While Gibson hopes the brace of awards might help begin to overturn old ideas, he does think a practical obstacle is the gap between regular gigs and the Fringe, which is perhaps slightly more pronounced in Scotland. “We're very lucky in Scotland in the circuit we have. It's a very tough place to learn stand-up, in the back of pubs and rooms that aren't designed for comedy. If you can come through it's a great base because you're right in at the deep end.” The downside to this is that it's a very different terrain to the preparation needed for August in Edinburgh. “The Fringe is a completely different beast,” he says. “You need to bring a full product to fruition.”
There can be little doubt when Gibson adds, “we have to knuckle down and make something of it,” he takes his own advice, whatever his lost FIFA hours suggest.
Alongside local comedy hero Gary Little and accomplished DJ Mallorca Lee, Gibson is also celebrating The Hashtag Show podcast's first anniversary. “It really is just three guys talking about everything and anything interspersed with music,” says Gibson.

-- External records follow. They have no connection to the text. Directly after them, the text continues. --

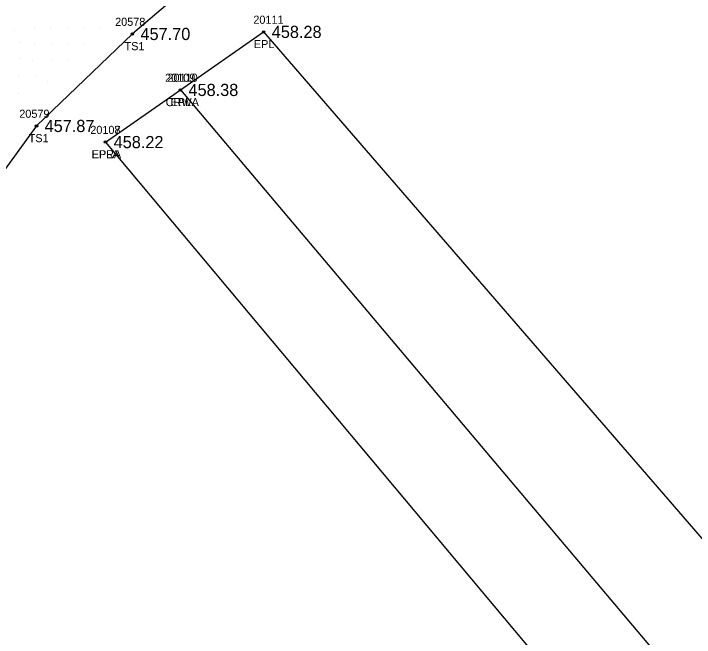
# Model space of a CAD drawing. Extents: x 1747760 to 1751131, y 649333 to 653784.
# Drawn here: x 1749239.9 to 1749323.7, y 651202.5 to 651279.3 of the extents above; entities that cross this region are included whole.
import ezdxf

# ---------------------------------------------------------------- set-up
doc = ezdxf.new("R2010")
doc.units = 0
for name, color, linetype in [('RD_DTM_BkLn1', 7, 'Continuous'), ('RD_DTM_BkLn2', 7, 'Continuous'), ('RD_DTM_BkLn_txCode', 7, 'Continuous'), ('RD_DTM_Spot', 7, 'Continuous'), ('RD_EX_Road', 7, 'Continuous'), ('RD_EX_Road_txCode', 7, 'Continuous'), ('RD_EX_TX_Misc_ELEV', 7, 'Continuous'), ('RD_EX_TX_Road_ELEV', 7, 'Continuous'), ('RD_HC_Survey_ELEV', 7, 'Continuous'), ('RD_HC_Survey_txCode', 7, 'Continuous'), ('RD_SMD_Locator', 7, 'Continuous')]:
    doc.layers.add(name, color=color, linetype=linetype)

msp = doc.modelspace()

# ---------------------------------------------------------------- linework, layer by layer
at = {"layer": 'RD_DTM_BkLn1'}
msp.add_lwpolyline([(1749260.448, 651269.918), (1749320.561, 651198.681)], dxfattribs=at)
at = {"layer": 'RD_DTM_BkLn2'}
msp.add_lwpolyline([(1749334.274, 651347.939), (1749311.737, 651326.42), (1749292.613, 651306.019), (1749271.131, 651290.935), (1749254.537, 651276.811), (1749242.73, 651265.483), (1749232.71, 651251.743), (1749211.561, 651228.743), (1749190.496, 651216.053), (1749178.766, 651203.369)], dxfattribs=at)
at = {"layer": 'RD_DTM_Spot'}
for p, q in [((1749242.508, 651277.606), (1749242.508, 651277.606)), ((1749244.476, 651277.646), (1749244.476, 651277.646)), ((1749246.552, 651277.636), (1749246.552, 651277.636)), ((1749248.499, 651277.587), (1749248.499, 651277.587)), ((1749250.571, 651277.596), (1749250.571, 651277.596)), ((1749240.083, 651277.204), (1749240.083, 651277.204)), ((1749240.658, 651275.79), (1749240.658, 651275.79)), ((1749244.585, 651275.645), (1749244.585, 651275.645)), ((1749246.567, 651275.652), (1749246.567, 651275.652)), ((1749242.532, 651275.514), (1749242.532, 651275.514)), ((1749248.561, 651275.567), (1749248.561, 651275.567)), ((1749240.632, 651273.843), (1749240.632, 651273.843)), ((1749242.246, 651273.531), (1749242.246, 651273.531)), ((1749244.538, 651273.55), (1749244.538, 651273.55)), ((1749246.602, 651273.583), (1749246.602, 651273.583)), ((1749240.546, 651271.628), (1749240.546, 651271.628)), ((1749242.642, 651271.515), (1749242.642, 651271.515)), ((1749244.053, 651270.965), (1749244.053, 651270.965)), ((1749240.528, 651269.485), (1749240.528, 651269.485))]:
    msp.add_line(p, q, dxfattribs=at)
at = {"layer": 'RD_EX_Road'}
for points in [[(1749251.231, 651263.495), (1749260.448, 651269.918), (1749270.704, 651277.064), (1749331.28, 651207.039), (1749394.892, 651131.098)], [(1749251.231, 651263.495), (1749312.598, 651190.195)]]:
    msp.add_lwpolyline(points, dxfattribs=at)
at = {"layer": 'RD_SMD_Locator'}
for centre in [(1749254.537, 651276.811), (1749270.704, 651277.064), (1749260.448, 651269.918), (1749260.448, 651269.918), (1749242.73, 651265.483), (1749251.231, 651263.495), (1749251.231, 651263.495)]:
    msp.add_circle(centre, 0.15, dxfattribs=at)

# ---------------------------------------------------------------- texts
at = {"layer": 'RD_DTM_BkLn_txCode'}
for s, p in [('20578', (1749252.418, 651277.811)), ('TS1', (1749253.576, 651274.811)), ('20579', (1749240.612, 651266.483)), ('TS1', (1749241.769, 651263.483))]:
    msp.add_text(s, height=1, dxfattribs=at).set_placement(p)
at = {"layer": 'RD_EX_Road_txCode'}
for s, p in [('20111', (1749269.436, 651278.064)), ('EPL', (1749269.499, 651275.064)), ('20109', (1749258.574, 651270.918)), ('EPL', (1749259.244, 651267.918)), ('20107', (1749249.357, 651264.495)), ('20108', (1749249.357, 651264.495)), ('EPRA', (1749249.515, 651261.495)), ('EPLA', (1749249.538, 651261.495))]:
    msp.add_text(s, height=1, dxfattribs=at).set_placement(p)
at = {"layer": 'RD_EX_TX_Misc_ELEV'}
for s, p in [('457.70', (1749255.537, 651276.061)), ('457.87', (1749243.73, 651264.733))]:
    msp.add_text(s, height=1.5, dxfattribs=at).set_placement(p)
at = {"layer": 'RD_EX_TX_Road_ELEV'}
for s, p in [('458.28', (1749271.704, 651276.314)), ('458.38', (1749261.448, 651269.168)), ('458.22', (1749252.231, 651262.745)), ('458.22', (1749252.231, 651262.745))]:
    msp.add_text(s, height=1.5, dxfattribs=at).set_placement(p)
at = {"layer": 'RD_HC_Survey_ELEV'}
msp.add_text('458.38', height=1.5, dxfattribs=at).set_placement((1749261.448, 651269.168))
at = {"layer": 'RD_HC_Survey_txCode'}
for s, p in [('20110', (1749258.858, 651270.918)), ('CRWA', (1749258.645, 651267.918))]:
    msp.add_text(s, height=1, dxfattribs=at).set_placement(p)

doc.saveas('drawing.dxf')

If that seems understated, the 'everything and anything' really is quite literal – previous conversations include a range of topics, including NASA, Marti Pellow or farting in a lift. “Sometimes it can go down quite an interesting path,” he says, “and other times it is just filthy; we try to let it flow as much as we can rather than having set times for things. When we've tried things like that it felt too forced. What we've been doing seems to be working so far.”
He adds: “I'd wanted to do a podcast for a long time and I thought it would be nice to have a different voice other than only comedians – it's a nice mix of music and chat.” Gibson is particularly grateful for the support Lee's fanbase has brought along with Little's and his own. “It's been good because it's brought new people to comedy. From the start we had about 2,500 listeners per episode. I thought we'd get maybe 100 people, but we've been lucky that it's gone quite well and we managed to sustain that. The podcast has helped introduce me and Gary to another audience, and I think vice-versa.”
Such has been its snowballing success the pod's live shows have sold out, with the next added in early December at Glasgow's Wild Cabaret. With such a packed schedule it seems appropriate to warn Gibson the next instalment of the all-engrossing simulation game Football Manager should be out by then. “I've lost many an hour to that,” he agrees, and soon – characteristically – he is speaking of that flawed logic we all share when trying to combat distraction: “I thought if I put it on my iPad it would cut my addiction. It just made it easier to play it so I had to delete the app.”